Chris, If you run mount, you'll see your cpuset vfs is mounted with the noprefix option. The "modern way" is to mount -t cgroup -o cpuset in which case you'll end up with the "cpuset." prefix on cpuset attributes. David
Hi David, But if you want Torque to work unmodified you shouldn't do that. :-) Breaking userspace is a bad thing so the noprefix behaviour is unlikely to go away - here's a rant from Linus back in March on his attitude to breaking user apps.. https://lkml.org/lkml/2012/3/8/495
I do not use noprefix option, thus ls shows "cpuset." prefixes. There is no such thing as a stable kernel API and there are good reasons for this. New applications will eventually use modern way of handling things, so torque should adapt as well otherwise conflicts will occur sooner or later. Anyway if you plan to stick to old file names at least for a while, please put somewhere in the documentation, that people should use -o noprefix.

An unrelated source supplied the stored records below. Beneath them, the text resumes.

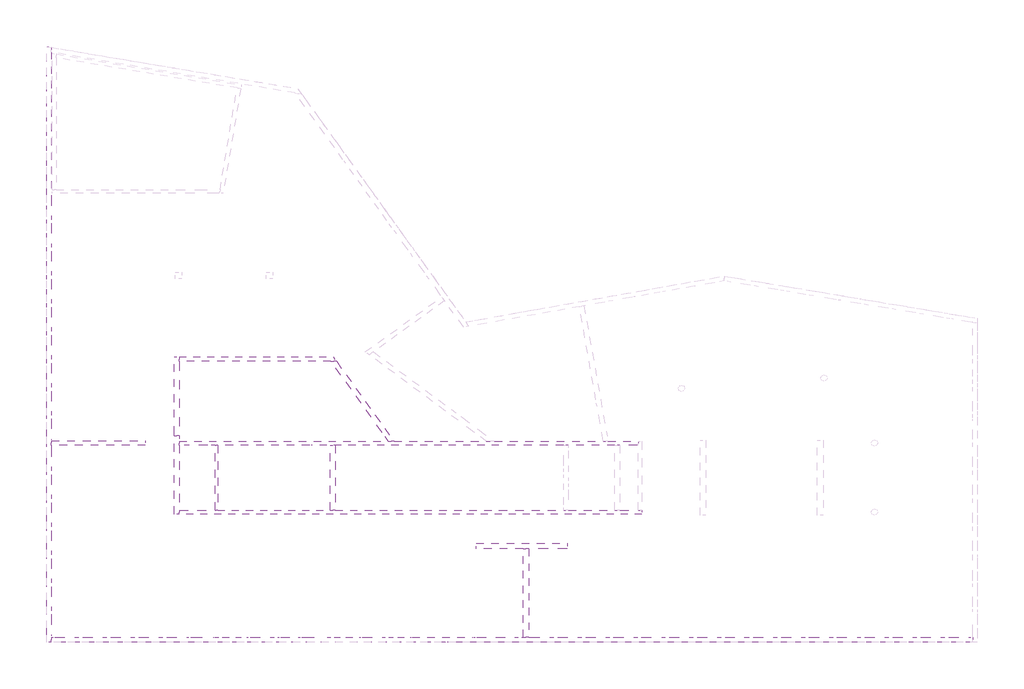
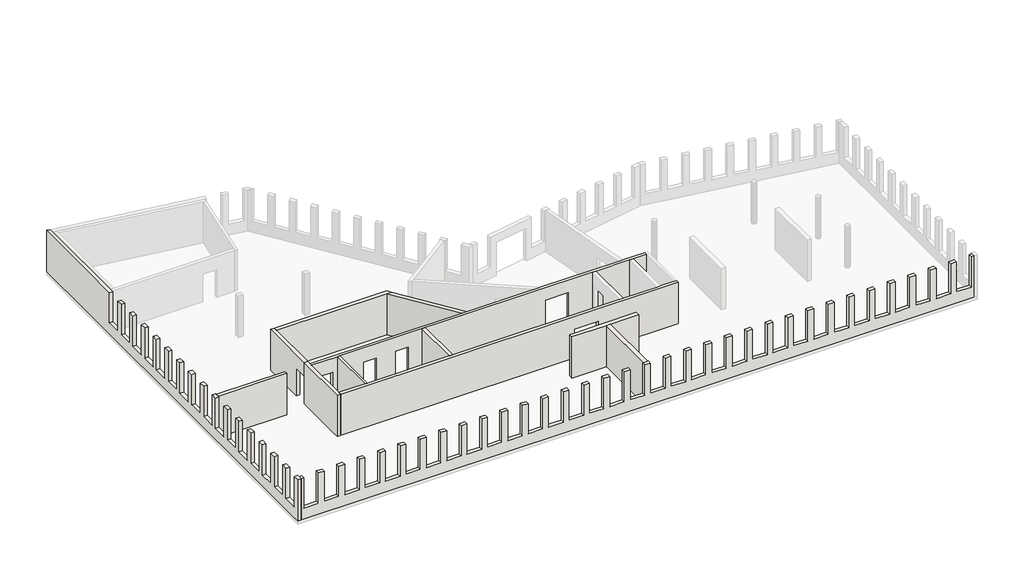
# One storey, part 1 of 2: 13 walls.
"""IFC4 building model written with IfcOpenShell, lengths in millimetres."""

from ifc_helpers import new_model, si_unit, frame, origin, place, context, project, spatial, polyline, outline, extrude, faceted_brep, element, save

model = new_model("IFC4")

# Units and contexts
model_context = context("Model", 3, world=origin())
ifc_project = project(units=[si_unit("LENGTHUNIT", "METRE", prefix="MILLI")], contexts=[model_context])

# Site, building, storey
site = spatial("IfcSite", under=ifc_project)
building = spatial("IfcBuilding", under=site)
storey = spatial("IfcBuildingStorey", under=building, Name="01_UG_OKFB_-4,20", Elevation=-4200.0)

# Walls
placement = place(None, origin())
element("IfcWall", 1, ObjectType="5dki Lochfassade 26cm C30/37", at=placement, inside=storey, context=model_context, shape_type="Brep", body=[
    faceted_brep([(130.0010047, 22777.9895381, 710.0), (130.0010047, 22777.9895381, 3060.0), (130.0010047, 22357.0124158, 3060.0), (130.0010047, 22357.0124158, 710.0), (130.0010047, 21277.0124158, 710.0), (130.0010047, 21277.0124158, 3060.0), (130.0010047, 20857.0124158, 3060.0), (130.0010047, 20857.0124158, 710.0), (130.0010047, 19777.0124158, 710.0), (130.0010047, 19777.0124158, 3060.0), (130.0010047, 19357.0124158, 3060.0), (130.0010047, 19357.0124158, 710.0), (130.0010047, 18277.0124158, 710.0), (130.0010047, 18277.0124158, 3060.0), (130.0010047, 17857.0124158, 3060.0), (130.0010047, 17857.0124158, 710.0), (130.0010047, 16777.0124158, 710.0), (130.0010047, 16777.0124158, 3060.0), (130.0010047, 16357.0124158, 3060.0), (130.0010047, 16357.0124158, 710.0), (130.0010047, 15277.0124158, 710.0), (130.0010047, 15277.0124158, 3060.0), (130.0010047, 14857.0124158, 3060.0), (130.0010047, 14857.0124158, 710.0), (130.0010047, 13777.0124158, 710.0), (130.0010047, 13777.0124158, 3060.0), (130.0010047, 13357.0124158, 3060.0), (130.0010047, 13357.0124158, 710.0), (130.0010047, 12277.0124158, 710.0), (130.0010047, 12277.0124158, 3060.0), (130.0010047, 11857.0124158, 3060.0), (130.0010047, 11857.0124158, 710.0), (130.0010047, 10777.0124158, 710.0), (130.0010047, 10777.0124158, 3060.0), (130.0010047, 10692.0124295, 3060.0), (130.0010047, 10442.0124295, 3060.0), (130.0010047, 10357.0124158, 3060.0), (130.0010047, 10357.0124158, 710.0), (130.0010047, 9277.0124158, 710.0), (130.0010047, 9277.0124158, 3060.0), (130.0010047, 8857.0124158, 3060.0), (130.0010047, 8857.0124158, 710.0), (130.0010047, 7777.0124158, 710.0), (130.0010047, 7777.0124158, 3060.0), (130.0010047, 7357.0124158, 3060.0), (130.0010047, 7357.0124158, 710.0), (130.0010047, 6277.0124158, 710.0), (130.0010047, 6277.0124158, 3060.0), (130.0010047, 5857.0124158, 3060.0), (130.0010047, 5857.0124158, 710.0), (130.0010047, 4777.0124158, 710.0), (130.0010047, 4777.0124158, 3060.0), (130.0010047, 4357.0124158, 3060.0), (130.0010047, 4357.0124158, 710.0), (130.0010047, 3277.0124158, 710.0), (130.0010047, 3277.0124158, 3060.0), (130.0010047, 2857.0124158, 3060.0), (130.0010047, 2857.0124158, 710.0), (130.0010047, 1777.0124158, 710.0), (130.0010047, 1777.0124158, 3060.0), (130.0010047, 1357.0124158, 3060.0), (130.0010047, 1357.0124158, 710.0), (130.0010047, 277.0124158, 710.0), (130.0010047, 277.0124158, 3060.0), (130.0010047, 130.000972, 3060.0), (130.0010047, -129.999028, 3060.0), (130.0010047, -129.999028, -150.0), (130.0010047, 130.000972, -150.0), (130.0010047, 10442.0124295, -150.0), (130.0010047, 10692.0124295, -150.0), (130.0010047, 31548.6978518, -150.0), (130.0010047, 31812.2980067, -150.0), (130.0010047, 31812.2980067, 3060.0), (130.0010047, 31548.6978518, 3060.0), (130.0010047, 23857.9895381, 3060.0), (130.0010047, 23857.9895381, 710.0), (-129.9989953, 22357.0124158, 3060.0), (-129.9989953, 22777.9895381, 3060.0), (-129.9989953, 22777.9895381, 710.0), (-129.9989953, 23857.9895381, 710.0), (-129.9989953, 23857.9895381, 3060.0), (-129.9989953, 31855.7150729, 3060.0), (-129.9989953, 31855.7150729, -150.0), (-129.9989953, -129.9990284, -150.0), (-129.9989953, -129.9990284, 3060.0), (-129.9989953, 277.0124158, 3060.0), (-129.9989953, 277.0124158, 710.0), (-129.9989953, 1357.0124158, 710.0), (-129.9989953, 1357.0124158, 3060.0), (-129.9989953, 1777.0124158, 3060.0), (-129.9989953, 1777.0124158, 710.0), (-129.9989953, 2857.0124158, 710.0), (-129.9989953, 2857.0124158, 3060.0), (-129.9989953, 3277.0124158, 3060.0), (-129.9989953, 3277.0124158, 710.0), (-129.9989953, 4357.0124158, 710.0), (-129.9989953, 4357.0124158, 3060.0), (-129.9989953, 4777.0124158, 3060.0), (-129.9989953, 4777.0124158, 710.0), (-129.9989953, 5857.0124158, 710.0), (-129.9989953, 5857.0124158, 3060.0), (-129.9989953, 6277.0124158, 3060.0), (-129.9989953, 6277.0124158, 710.0), (-129.9989953, 7357.0124158, 710.0), (-129.9989953, 7357.0124158, 3060.0), (-129.9989953, 7777.0124158, 3060.0), (-129.9989953, 7777.0124158, 710.0), (-129.9989953, 8857.0124158, 710.0), (-129.9989953, 8857.0124158, 3060.0), (-129.9989953, 9277.0124158, 3060.0), (-129.9989953, 9277.0124158, 710.0), (-129.9989953, 10357.0124158, 710.0), (-129.9989953, 10357.0124158, 3060.0), (-129.9989953, 10777.0124158, 3060.0), (-129.9989953, 10777.0124158, 710.0), (-129.9989953, 11857.0124158, 710.0), (-129.9989953, 11857.0124158, 3060.0), (-129.9989953, 12277.0124158, 3060.0), (-129.9989953, 12277.0124158, 710.0), (-129.9989953, 13357.0124158, 710.0), (-129.9989953, 13357.0124158, 3060.0), (-129.9989953, 13777.0124158, 3060.0), (-129.9989953, 13777.0124158, 710.0), (-129.9989953, 14857.0124158, 710.0), (-129.9989953, 14857.0124158, 3060.0), (-129.9989953, 15277.0124158, 3060.0), (-129.9989953, 15277.0124158, 710.0), (-129.9989953, 16357.0124158, 710.0), (-129.9989953, 16357.0124158, 3060.0), (-129.9989953, 16777.0124158, 3060.0), (-129.9989953, 16777.0124158, 710.0), (-129.9989953, 17857.0124158, 710.0), (-129.9989953, 17857.0124158, 3060.0), (-129.9989953, 18277.0124158, 3060.0), (-129.9989953, 18277.0124158, 710.0), (-129.9989953, 19357.0124158, 710.0), (-129.9989953, 19357.0124158, 3060.0), (-129.9989953, 19777.0124158, 3060.0), (-129.9989953, 19777.0124158, 710.0), (-129.9989953, 20857.0124158, 710.0), (-129.9989953, 20857.0124158, 3060.0), (-129.9989953, 21277.0124158, 3060.0), (-129.9989953, 21277.0124158, 710.0), (-129.9989953, 22357.0124158, 710.0)], [[[0, 1, 2, 3, 4, 5, 6, 7, 8, 9, 10, 11, 12, 13, 14, 15, 16, 17, 18, 19, 20, 21, 22, 23, 24, 25, 26, 27, 28, 29, 30, 31, 32, 33, 34, 35, 36, 37, 38, 39, 40, 41, 42, 43, 44, 45, 46, 47, 48, 49, 50, 51, 52, 53, 54, 55, 56, 57, 58, 59, 60, 61, 62, 63, 64, 65, 66, 67, 68, 69, 70, 71, 72, 73, 74, 75]], [[76, 77, 78, 79, 80, 81, 82, 83, 84, 85, 86, 87, 88, 89, 90, 91, 92, 93, 94, 95, 96, 97, 98, 99, 100, 101, 102, 103, 104, 105, 106, 107, 108, 109, 110, 111, 112, 113, 114, 115, 116, 117, 118, 119, 120, 121, 122, 123, 124, 125, 126, 127, 128, 129, 130, 131, 132, 133, 134, 135, 136, 137, 138, 139, 140, 141, 142, 143]], [[71, 70, 69, 68, 67, 66, 83, 82]], [[84, 65, 64, 63, 85]], [[60, 59, 89, 88]], [[56, 55, 93, 92]], [[52, 51, 97, 96]], [[48, 47, 101, 100]], [[44, 43, 105, 104]], [[40, 39, 109, 108]], [[36, 35, 34, 33, 113, 112]], [[30, 29, 117, 116]], [[26, 25, 121, 120]], [[22, 21, 125, 124]], [[18, 17, 129, 128]], [[14, 13, 133, 132]], [[10, 9, 137, 136]], [[6, 5, 141, 140]], [[2, 1, 77, 76]], [[74, 73, 72, 81, 80]], [[72, 71, 82, 81]], [[66, 65, 84, 83]], [[87, 61, 60, 88]], [[62, 86, 85, 63]], [[61, 87, 86, 62]], [[92, 91, 57, 56]], [[90, 89, 59, 58]], [[91, 90, 58, 57]], [[96, 95, 53, 52]], [[94, 93, 55, 54]], [[95, 94, 54, 53]], [[100, 99, 49, 48]], [[98, 97, 51, 50]], [[99, 98, 50, 49]], [[104, 103, 45, 44]], [[102, 101, 47, 46]], [[103, 102, 46, 45]], [[108, 107, 41, 40]], [[106, 105, 43, 42]], [[107, 106, 42, 41]], [[112, 111, 37, 36]], [[110, 109, 39, 38]], [[111, 110, 38, 37]], [[116, 115, 31, 30]], [[114, 113, 33, 32]], [[115, 114, 32, 31]], [[120, 119, 27, 26]], [[118, 117, 29, 28]], [[119, 118, 28, 27]], [[124, 123, 23, 22]], [[122, 121, 25, 24]], [[123, 122, 24, 23]], [[128, 127, 19, 18]], [[126, 125, 21, 20]], [[127, 126, 20, 19]], [[132, 131, 15, 14]], [[130, 129, 17, 16]], [[131, 130, 16, 15]], [[136, 135, 11, 10]], [[134, 133, 13, 12]], [[135, 134, 12, 11]], [[140, 139, 7, 6]], [[138, 137, 9, 8]], [[139, 138, 8, 7]], [[76, 143, 3, 2]], [[142, 141, 5, 4]], [[143, 142, 4, 3]], [[80, 79, 75, 74]], [[78, 77, 1, 0]], [[79, 78, 0, 75]]]),
])
element("IfcWall", 2, ObjectType="5dki Lochfassade 26cm C30/37", at=placement, inside=storey, context=model_context, shape_type="Brep", body=[
    faceted_brep([(49396.9999991, 130.0010483, 710.0), (49396.9999991, 130.0010483, 3060.0), (49603.9991101, 130.0010486, 3060.0), (49603.9991101, 130.0010486, -150.0), (25766.9999915, 130.0010117, -150.0), (25466.9999915, 130.0010113, -150.0), (130.0010047, 130.000972, -150.0), (130.0010047, 130.000972, 3060.0), (317.0000012, 130.0009723, 3060.0), (316.999997, 130.0009723, 710.0), (1397.0000012, 130.000974, 710.0), (1397.0000069, 130.000974, 3060.0), (1816.9999991, 130.0009747, 3060.0), (1817.0000028, 130.0009747, 710.0), (2896.9999991, 130.0009763, 710.0), (2897.0000017, 130.0009763, 3060.0), (3316.9999991, 130.000977, 3060.0), (3316.9999977, 130.000977, 710.0), (4396.9999991, 130.0009787, 710.0), (4396.9999966, 130.0009787, 3060.0), (4816.9999991, 130.0009793, 3060.0), (4816.9999991, 130.0009793, 710.0), (5896.9999991, 130.000981, 710.0), (5896.9999991, 130.000981, 3060.0), (6316.9999991, 130.0009816, 3060.0), (6316.9999991, 130.0009816, 710.0), (7396.9999991, 130.0009833, 710.0), (7396.9999991, 130.0009833, 3060.0), (7816.9999991, 130.0009839, 3060.0), (7816.9999991, 130.0009839, 710.0), (8896.9999991, 130.0009856, 710.0), (8896.9999991, 130.0009856, 3060.0), (9316.9999991, 130.0009863, 3060.0), (9316.9999991, 130.0009863, 710.0), (10396.9999991, 130.0009879, 710.0), (10396.9999991, 130.0009879, 3060.0), (10816.9999991, 130.0009886, 3060.0), (10816.9999991, 130.0009886, 710.0), (11896.9999991, 130.0009903, 710.0), (11896.9999991, 130.0009903, 3060.0), (12316.9999991, 130.0009909, 3060.0), (12316.9999991, 130.0009909, 710.0), (13396.9999991, 130.0009926, 710.0), (13396.9999991, 130.0009926, 3060.0), (13816.9999991, 130.0009932, 3060.0), (13816.9999991, 130.0009932, 710.0), (14896.9999991, 130.0009949, 710.0), (14896.9999991, 130.0009949, 3060.0), (15316.9999991, 130.0009956, 3060.0), (15316.9999991, 130.0009956, 710.0), (16396.9999991, 130.0009972, 710.0), (16396.9999991, 130.0009972, 3060.0), (16816.9999991, 130.0009979, 3060.0), (16816.9999991, 130.0009979, 710.0), (17896.9999991, 130.0009996, 710.0), (17896.9999991, 130.0009996, 3060.0), (18316.9999991, 130.0010002, 3060.0), (18316.9999991, 130.0010002, 710.0), (19396.9999991, 130.0010019, 710.0), (19396.9999991, 130.0010019, 3060.0), (19816.9999991, 130.0010025, 3060.0), (19816.9999991, 130.0010025, 710.0), (20896.9999991, 130.0010042, 710.0), (20896.9999991, 130.0010042, 3060.0), (21316.9999991, 130.0010048, 3060.0), (21316.9999991, 130.0010048, 710.0), (22396.9999991, 130.0010065, 710.0), (22396.9999991, 130.0010065, 3060.0), (22816.9999991, 130.0010072, 3060.0), (22816.9999991, 130.0010072, 710.0), (23896.9999991, 130.0010088, 710.0), (23896.9999991, 130.0010088, 3060.0), (24316.9999991, 130.0010095, 3060.0), (24316.9999991, 130.0010095, 710.0), (25396.9999991, 130.0010112, 710.0), (25396.9999991, 130.0010112, 3060.0), (25466.9999915, 130.0010113, 3060.0), (25766.9999915, 130.0010117, 3060.0), (25816.9999991, 130.0010118, 3060.0), (25816.9999991, 130.0010118, 710.0), (26896.9999991, 130.0010135, 710.0), (26896.9999991, 130.0010135, 3060.0), (27316.9999991, 130.0010141, 3060.0), (27316.9999991, 130.0010141, 710.0), (28396.9999991, 130.0010158, 710.0), (28396.9999991, 130.0010158, 3060.0), (28816.9999991, 130.0010165, 3060.0), (28816.9999991, 130.0010165, 710.0), (29896.9999991, 130.0010181, 710.0), (29896.9999991, 130.0010181, 3060.0), (30316.9999991, 130.0010188, 3060.0), (30316.9999991, 130.0010188, 710.0), (31396.9999991, 130.0010205, 710.0), (31396.9999991, 130.0010205, 3060.0), (31816.9999991, 130.0010211, 3060.0), (31816.9999991, 130.0010211, 710.0), (32896.9999991, 130.0010228, 710.0), (32896.9999991, 130.0010228, 3060.0), (33316.9999991, 130.0010234, 3060.0), (33316.9999991, 130.0010234, 710.0), (34396.9999991, 130.0010251, 710.0), (34396.9999991, 130.0010251, 3060.0), (34816.9999991, 130.0010258, 3060.0), (34816.9999991, 130.0010258, 710.0), (35896.9999991, 130.0010274, 710.0), (35896.9999991, 130.0010274, 3060.0), (36316.9999991, 130.0010281, 3060.0), (36316.9999991, 130.0010281, 710.0), (37396.9999991, 130.0010297, 710.0), (37396.9999991, 130.0010297, 3060.0), (37816.9999991, 130.0010304, 3060.0), (37816.9999991, 130.0010304, 710.0), (38896.9999991, 130.0010321, 710.0), (38896.9999991, 130.0010321, 3060.0), (39316.9999991, 130.0010327, 3060.0), (39316.9999991, 130.0010327, 710.0), (40396.9999991, 130.0010344, 710.0), (40396.9999991, 130.0010344, 3060.0), (40816.9999991, 130.001035, 3060.0), (40816.9999991, 130.001035, 710.0), (41896.9999991, 130.0010367, 710.0), (41896.9999991, 130.0010367, 3060.0), (42316.9999991, 130.0010374, 3060.0), (42316.9999991, 130.0010374, 710.0), (43396.9999991, 130.001039, 710.0), (43396.9999991, 130.001039, 3060.0), (43816.9999991, 130.0010397, 3060.0), (43816.9999991, 130.0010397, 710.0), (44896.9999991, 130.0010414, 710.0), (44896.9999991, 130.0010414, 3060.0), (45316.9999991, 130.001042, 3060.0), (45316.9999991, 130.001042, 710.0), (46396.9999991, 130.0010437, 710.0), (46396.9999991, 130.0010437, 3060.0), (46816.9999991, 130.0010443, 3060.0), (46816.9999991, 130.0010443, 710.0), (47896.9999991, 130.001046, 710.0), (47896.9999991, 130.001046, 3060.0), (48316.9999991, 130.0010467, 3060.0), (48316.9999991, 130.0010467, 710.0), (49603.9991105, -129.9989514, 3060.0), (49396.9999995, -129.9989517, 3060.0), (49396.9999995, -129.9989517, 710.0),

(In reply to comment #4) > I do not use noprefix option, thus ls shows "cpuset." prefixes. Neither do I, and it ls does not show "cpuset." prefixes. The reason is that you already have a cgroup filesystem mounted and I do not. This change in behaviour is since the Linux kernel commit f9ab5b5b0f5be506640321d710b0acd3dca6154a "cgroups: forbid noprefix if mounting more than just cpuset subsystem". I'll try and find some time to report this as a kernel regression to see what their attitude to this is - to me it seems like the sort of ABI behaviour change and consequent user space breakage that Linus hates. > There is no such thing as a stable kernel API and there are good reasons for > this. You are mistaking the *internal* kernel APIs (which are indeed unstable for very good reason) with the external kernel ABIs exposed to user space and which have different rules applied. There has been an attempt to document the level of stability of interfaces in Documentation/ABI directory (see the README for Greg-KH's reasoning), but as far as I can tell the cpuset/cgroup stuff has not been added yet. > New applications will eventually use modern way of handling things, so > torque should adapt as well otherwise conflicts will occur sooner or later. Agreed, but Torque will need to know to cope with both cases dynamically. > Anyway if you plan to stick to old file names at least for a while, please put > somewhere in the documentation, that people should use -o noprefix. Sounds like a good idea, I've just tested that on a RHEL5 system and it didn't complain about not knowing what that meant.